(Saved entries)
***

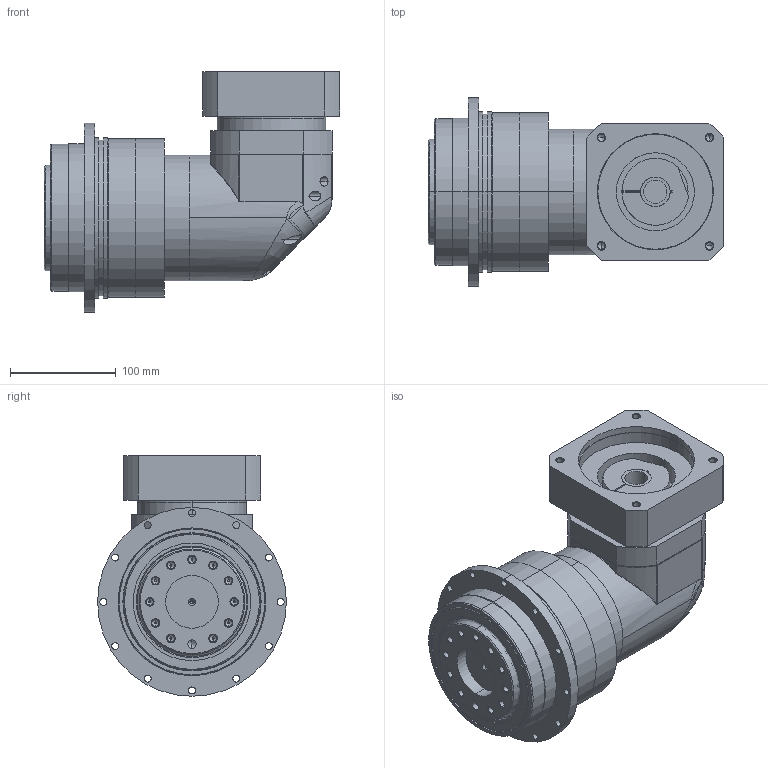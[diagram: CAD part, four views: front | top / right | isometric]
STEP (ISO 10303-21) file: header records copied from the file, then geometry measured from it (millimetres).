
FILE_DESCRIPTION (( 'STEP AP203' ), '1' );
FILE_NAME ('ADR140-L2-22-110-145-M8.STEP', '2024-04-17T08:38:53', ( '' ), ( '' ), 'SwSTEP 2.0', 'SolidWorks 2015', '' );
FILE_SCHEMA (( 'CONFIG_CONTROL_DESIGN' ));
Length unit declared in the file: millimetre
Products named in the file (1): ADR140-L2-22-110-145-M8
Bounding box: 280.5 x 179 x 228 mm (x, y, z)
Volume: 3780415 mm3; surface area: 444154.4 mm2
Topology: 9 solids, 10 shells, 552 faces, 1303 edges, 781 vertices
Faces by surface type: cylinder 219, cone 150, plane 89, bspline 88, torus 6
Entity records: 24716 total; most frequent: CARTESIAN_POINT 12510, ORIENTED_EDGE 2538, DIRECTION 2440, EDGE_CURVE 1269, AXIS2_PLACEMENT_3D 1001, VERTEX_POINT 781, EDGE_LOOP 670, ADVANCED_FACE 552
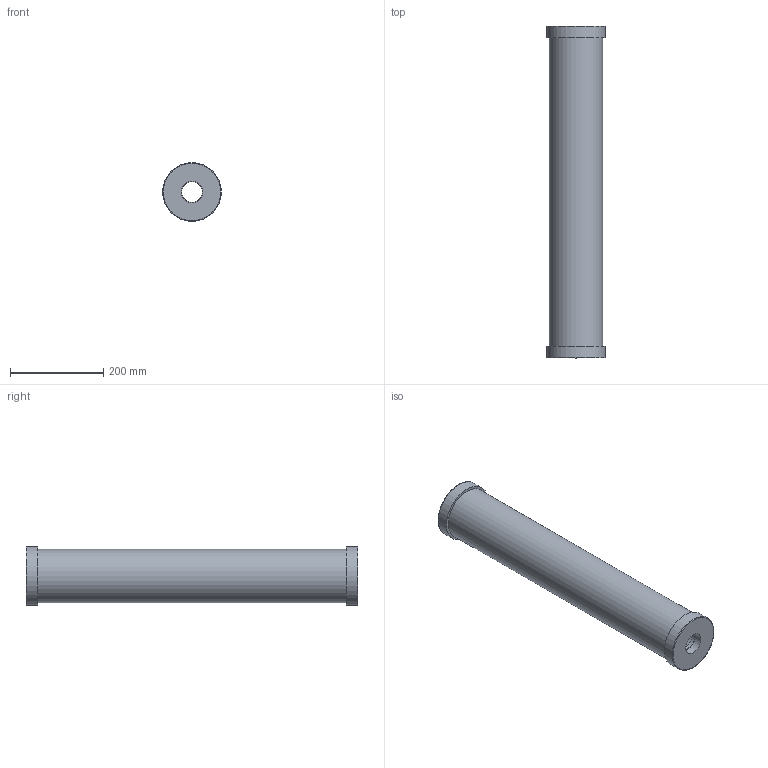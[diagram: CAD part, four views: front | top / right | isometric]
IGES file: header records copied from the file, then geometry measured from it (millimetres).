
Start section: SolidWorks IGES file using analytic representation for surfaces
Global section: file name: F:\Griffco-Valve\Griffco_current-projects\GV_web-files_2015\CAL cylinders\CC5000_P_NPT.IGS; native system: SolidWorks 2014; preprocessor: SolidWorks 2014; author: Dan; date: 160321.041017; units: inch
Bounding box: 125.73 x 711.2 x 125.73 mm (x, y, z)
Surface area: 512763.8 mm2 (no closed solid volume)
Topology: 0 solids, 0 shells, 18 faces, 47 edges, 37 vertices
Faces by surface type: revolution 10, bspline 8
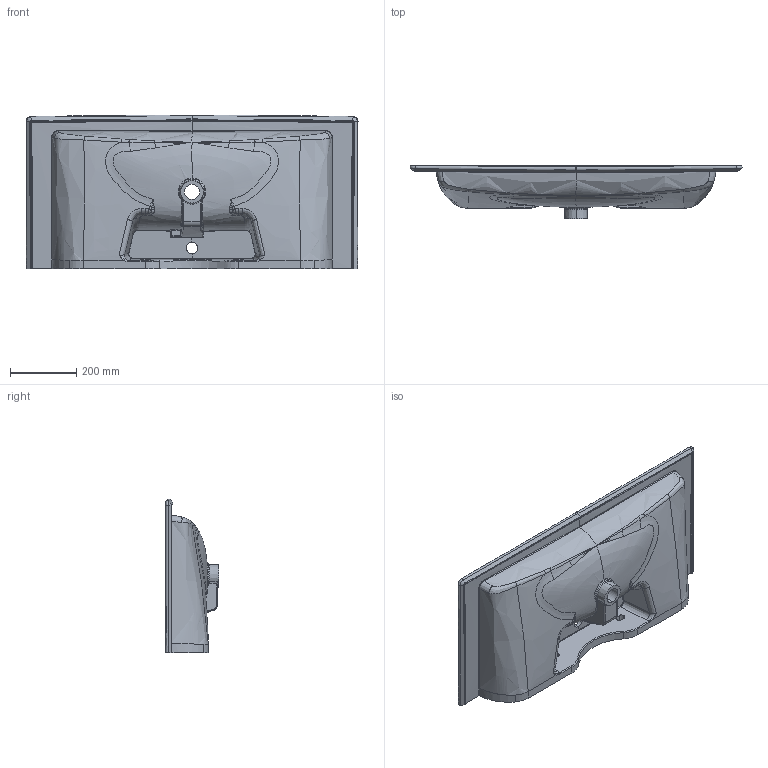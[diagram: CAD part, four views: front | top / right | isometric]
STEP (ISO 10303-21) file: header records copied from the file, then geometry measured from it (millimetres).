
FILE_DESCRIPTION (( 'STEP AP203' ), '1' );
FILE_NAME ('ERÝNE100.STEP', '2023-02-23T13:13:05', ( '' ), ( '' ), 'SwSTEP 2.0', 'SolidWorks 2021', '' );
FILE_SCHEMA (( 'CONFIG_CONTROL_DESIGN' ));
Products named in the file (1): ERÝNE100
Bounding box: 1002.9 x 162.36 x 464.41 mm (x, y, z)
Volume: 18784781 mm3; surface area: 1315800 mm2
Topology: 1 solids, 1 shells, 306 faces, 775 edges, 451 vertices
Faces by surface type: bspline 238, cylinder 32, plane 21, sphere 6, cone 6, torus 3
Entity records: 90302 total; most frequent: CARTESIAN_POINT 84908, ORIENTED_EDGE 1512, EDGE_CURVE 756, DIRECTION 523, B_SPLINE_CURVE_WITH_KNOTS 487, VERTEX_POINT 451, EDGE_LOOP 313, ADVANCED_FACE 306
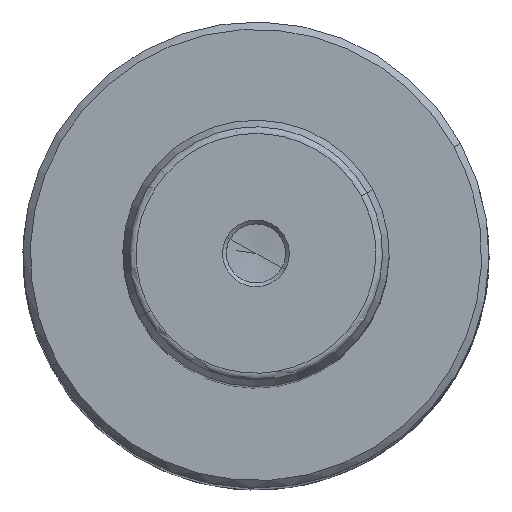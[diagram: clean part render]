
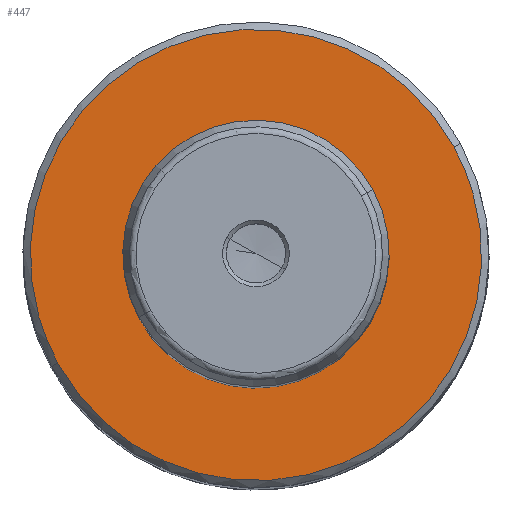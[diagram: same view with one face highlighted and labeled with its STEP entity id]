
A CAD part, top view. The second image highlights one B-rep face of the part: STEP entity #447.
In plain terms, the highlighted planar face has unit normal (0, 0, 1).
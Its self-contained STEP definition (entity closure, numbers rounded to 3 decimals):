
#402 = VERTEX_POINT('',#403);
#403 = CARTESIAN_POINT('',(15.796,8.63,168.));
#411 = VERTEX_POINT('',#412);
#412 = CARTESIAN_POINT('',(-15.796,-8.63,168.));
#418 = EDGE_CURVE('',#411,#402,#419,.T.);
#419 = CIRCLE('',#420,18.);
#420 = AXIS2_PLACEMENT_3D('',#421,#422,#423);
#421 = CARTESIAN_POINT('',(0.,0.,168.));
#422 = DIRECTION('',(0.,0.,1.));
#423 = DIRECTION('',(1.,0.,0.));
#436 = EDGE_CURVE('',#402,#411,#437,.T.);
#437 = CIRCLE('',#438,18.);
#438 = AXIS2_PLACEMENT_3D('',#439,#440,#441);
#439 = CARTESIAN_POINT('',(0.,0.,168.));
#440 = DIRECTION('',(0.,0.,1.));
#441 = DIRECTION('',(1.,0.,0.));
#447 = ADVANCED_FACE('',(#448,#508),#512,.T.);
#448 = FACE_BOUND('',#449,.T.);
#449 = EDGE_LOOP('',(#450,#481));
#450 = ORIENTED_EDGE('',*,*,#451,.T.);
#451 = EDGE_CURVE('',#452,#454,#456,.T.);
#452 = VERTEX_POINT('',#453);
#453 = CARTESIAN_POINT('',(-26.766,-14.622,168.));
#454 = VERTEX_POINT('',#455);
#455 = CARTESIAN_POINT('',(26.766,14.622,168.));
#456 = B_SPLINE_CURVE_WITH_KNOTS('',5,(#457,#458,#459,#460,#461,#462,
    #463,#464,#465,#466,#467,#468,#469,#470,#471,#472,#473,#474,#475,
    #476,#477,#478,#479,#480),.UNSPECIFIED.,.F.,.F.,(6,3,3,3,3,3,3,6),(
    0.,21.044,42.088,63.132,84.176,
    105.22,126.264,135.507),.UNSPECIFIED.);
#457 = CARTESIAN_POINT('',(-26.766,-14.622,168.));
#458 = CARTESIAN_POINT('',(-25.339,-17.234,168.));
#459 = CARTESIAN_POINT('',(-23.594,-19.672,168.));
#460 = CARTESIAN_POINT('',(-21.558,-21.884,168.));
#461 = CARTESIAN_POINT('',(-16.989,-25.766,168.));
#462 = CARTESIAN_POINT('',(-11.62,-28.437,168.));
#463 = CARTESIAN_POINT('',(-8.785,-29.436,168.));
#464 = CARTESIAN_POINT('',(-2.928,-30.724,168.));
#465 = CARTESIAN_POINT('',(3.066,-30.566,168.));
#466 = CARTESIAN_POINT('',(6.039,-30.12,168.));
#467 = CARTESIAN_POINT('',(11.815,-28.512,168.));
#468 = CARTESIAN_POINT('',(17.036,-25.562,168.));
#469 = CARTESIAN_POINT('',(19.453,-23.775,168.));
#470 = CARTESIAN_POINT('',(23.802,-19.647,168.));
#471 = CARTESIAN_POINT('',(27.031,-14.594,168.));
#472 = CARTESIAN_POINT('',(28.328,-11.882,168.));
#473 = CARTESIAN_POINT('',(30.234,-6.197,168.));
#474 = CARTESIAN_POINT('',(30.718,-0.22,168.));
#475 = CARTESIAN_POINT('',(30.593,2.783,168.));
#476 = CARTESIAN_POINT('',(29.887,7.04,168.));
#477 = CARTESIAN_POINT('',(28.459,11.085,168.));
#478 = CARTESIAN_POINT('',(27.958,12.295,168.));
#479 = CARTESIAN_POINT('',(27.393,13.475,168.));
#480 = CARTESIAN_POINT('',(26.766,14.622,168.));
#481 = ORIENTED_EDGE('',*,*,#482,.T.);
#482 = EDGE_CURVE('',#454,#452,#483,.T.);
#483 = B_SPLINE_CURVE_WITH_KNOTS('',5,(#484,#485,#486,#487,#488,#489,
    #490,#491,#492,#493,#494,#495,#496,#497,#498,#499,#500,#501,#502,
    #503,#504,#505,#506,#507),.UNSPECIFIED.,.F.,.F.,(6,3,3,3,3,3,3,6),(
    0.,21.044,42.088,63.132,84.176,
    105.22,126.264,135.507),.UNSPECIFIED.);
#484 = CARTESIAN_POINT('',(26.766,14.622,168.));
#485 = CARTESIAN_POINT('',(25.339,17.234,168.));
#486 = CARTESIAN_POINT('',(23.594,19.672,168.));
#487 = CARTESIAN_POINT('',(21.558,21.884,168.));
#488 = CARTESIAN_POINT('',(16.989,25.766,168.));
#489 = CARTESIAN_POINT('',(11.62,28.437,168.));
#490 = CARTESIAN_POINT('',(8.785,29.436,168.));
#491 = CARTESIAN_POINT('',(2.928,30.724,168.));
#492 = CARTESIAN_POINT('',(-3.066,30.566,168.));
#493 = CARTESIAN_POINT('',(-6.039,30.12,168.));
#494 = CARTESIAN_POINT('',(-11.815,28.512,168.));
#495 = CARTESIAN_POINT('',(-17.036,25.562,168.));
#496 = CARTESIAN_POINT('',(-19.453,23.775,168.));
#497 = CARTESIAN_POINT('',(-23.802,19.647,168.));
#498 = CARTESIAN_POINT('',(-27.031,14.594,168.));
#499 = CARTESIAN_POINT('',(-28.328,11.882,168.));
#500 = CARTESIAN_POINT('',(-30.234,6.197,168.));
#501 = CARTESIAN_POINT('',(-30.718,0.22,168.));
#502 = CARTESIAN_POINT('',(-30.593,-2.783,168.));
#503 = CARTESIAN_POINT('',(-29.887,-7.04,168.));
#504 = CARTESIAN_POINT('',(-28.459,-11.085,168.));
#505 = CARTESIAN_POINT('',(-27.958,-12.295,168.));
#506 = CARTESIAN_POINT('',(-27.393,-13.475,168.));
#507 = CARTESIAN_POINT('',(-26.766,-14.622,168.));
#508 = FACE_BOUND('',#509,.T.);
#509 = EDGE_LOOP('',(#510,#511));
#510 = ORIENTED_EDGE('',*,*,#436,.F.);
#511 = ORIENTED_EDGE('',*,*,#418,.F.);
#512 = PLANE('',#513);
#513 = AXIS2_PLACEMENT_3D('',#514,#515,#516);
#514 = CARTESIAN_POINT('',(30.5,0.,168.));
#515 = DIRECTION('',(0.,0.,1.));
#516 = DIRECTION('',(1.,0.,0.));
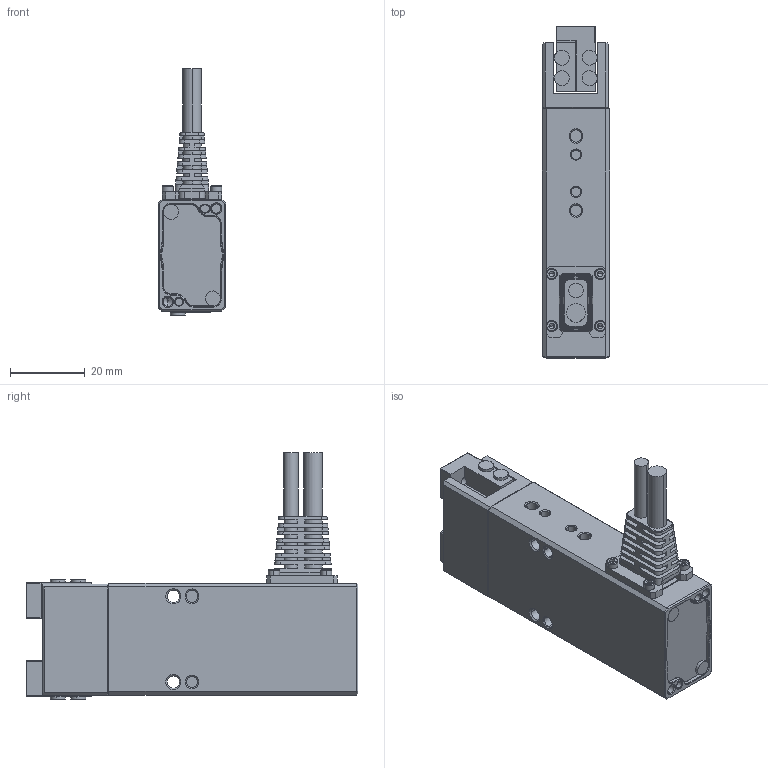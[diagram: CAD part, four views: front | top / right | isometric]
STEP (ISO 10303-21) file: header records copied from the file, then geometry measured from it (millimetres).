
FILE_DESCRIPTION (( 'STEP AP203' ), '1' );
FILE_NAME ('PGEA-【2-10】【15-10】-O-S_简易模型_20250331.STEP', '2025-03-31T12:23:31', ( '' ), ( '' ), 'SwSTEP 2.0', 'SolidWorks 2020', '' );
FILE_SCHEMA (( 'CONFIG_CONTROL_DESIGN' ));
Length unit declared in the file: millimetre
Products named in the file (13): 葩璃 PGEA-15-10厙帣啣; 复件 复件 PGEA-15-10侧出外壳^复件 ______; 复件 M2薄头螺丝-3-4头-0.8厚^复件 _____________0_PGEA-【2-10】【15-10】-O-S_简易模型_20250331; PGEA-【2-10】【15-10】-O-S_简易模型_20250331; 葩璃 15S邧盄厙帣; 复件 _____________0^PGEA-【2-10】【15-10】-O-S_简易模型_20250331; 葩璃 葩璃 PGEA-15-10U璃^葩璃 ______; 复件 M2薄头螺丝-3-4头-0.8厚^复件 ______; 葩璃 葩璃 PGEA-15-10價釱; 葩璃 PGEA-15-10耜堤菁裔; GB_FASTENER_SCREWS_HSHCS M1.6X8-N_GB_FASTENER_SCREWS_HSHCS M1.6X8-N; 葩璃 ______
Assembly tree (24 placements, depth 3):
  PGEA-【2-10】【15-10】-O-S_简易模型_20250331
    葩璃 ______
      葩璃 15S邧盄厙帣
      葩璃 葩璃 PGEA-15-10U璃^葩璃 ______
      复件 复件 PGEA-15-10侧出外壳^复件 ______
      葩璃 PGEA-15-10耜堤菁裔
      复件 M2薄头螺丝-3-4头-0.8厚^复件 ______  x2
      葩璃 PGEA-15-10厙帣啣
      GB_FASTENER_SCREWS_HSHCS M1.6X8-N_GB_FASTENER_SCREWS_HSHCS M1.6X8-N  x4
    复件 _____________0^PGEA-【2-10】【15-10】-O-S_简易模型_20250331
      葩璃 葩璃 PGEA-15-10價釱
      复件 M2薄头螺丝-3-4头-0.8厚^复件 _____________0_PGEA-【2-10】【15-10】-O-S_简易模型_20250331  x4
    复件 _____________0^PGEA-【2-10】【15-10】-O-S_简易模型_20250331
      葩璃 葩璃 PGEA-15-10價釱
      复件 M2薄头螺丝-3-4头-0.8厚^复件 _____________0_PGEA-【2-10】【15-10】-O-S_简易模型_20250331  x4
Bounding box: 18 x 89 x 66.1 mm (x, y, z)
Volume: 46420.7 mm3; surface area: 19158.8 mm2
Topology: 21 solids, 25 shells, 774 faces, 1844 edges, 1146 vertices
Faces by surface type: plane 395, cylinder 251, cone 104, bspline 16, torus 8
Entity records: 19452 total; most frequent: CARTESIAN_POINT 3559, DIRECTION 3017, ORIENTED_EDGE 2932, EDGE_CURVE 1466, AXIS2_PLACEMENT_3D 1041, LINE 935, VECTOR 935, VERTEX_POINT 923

***

TASK TO COMPLETE: An exact copy of the lines above, from the first through the line that holds "Bounding box: 125.73", is what is needed; leave the pictures out.

EXPECTED OUTPUT:
[diagram: CAD part, four views: front | top / right | isometric]
STEP (ISO 10303-21) file: header records copied from the file, then geometry measured from it (millimetres).
FILE_DESCRIPTION (( 'STEP AP203' ), '1' );
FILE_NAME ('ADR140-L2-22-110-145-M8.STEP', '2024-04-17T08:38:53', ( '' ), ( '' ), 'SwSTEP 2.0', 'SolidWorks 2015', '' );
FILE_SCHEMA (( 'CONFIG_CONTROL_DESIGN' ));
Length unit declared in the file: millimetre
Products named in the file (1): ADR140-L2-22-110-145-M8
Bounding box: 280.5 x 179 x 228 mm (x, y, z)
Volume: 3780415 mm3; surface area: 444154.4 mm2
Topology: 9 solids, 10 shells, 552 faces, 1303 edges, 781 vertices
Faces by surface type: cylinder 219, cone 150, plane 89, bspline 88, torus 6
Entity records: 24716 total; most frequent: CARTESIAN_POINT 12510, ORIENTED_EDGE 2538, DIRECTION 2440, EDGE_CURVE 1269, AXIS2_PLACEMENT_3D 1001, VERTEX_POINT 781, EDGE_LOOP 670, ADVANCED_FACE 552
[diagram: CAD part, four views: front | top / right | isometric]
IGES file: header records copied from the file, then geometry measured from it (millimetres).
Start section: SolidWorks IGES file using analytic representation for surfaces
Global section: file name: F:\Griffco-Valve\Griffco_current-projects\GV_web-files_2015\CAL cylinders\CC5000_P_NPT.IGS; native system: SolidWorks 2014; preprocessor: SolidWorks 2014; author: Dan; date: 160321.041017; units: inch
Bounding box: 125.73 x 711.2 x 125.73 mm (x, y, z)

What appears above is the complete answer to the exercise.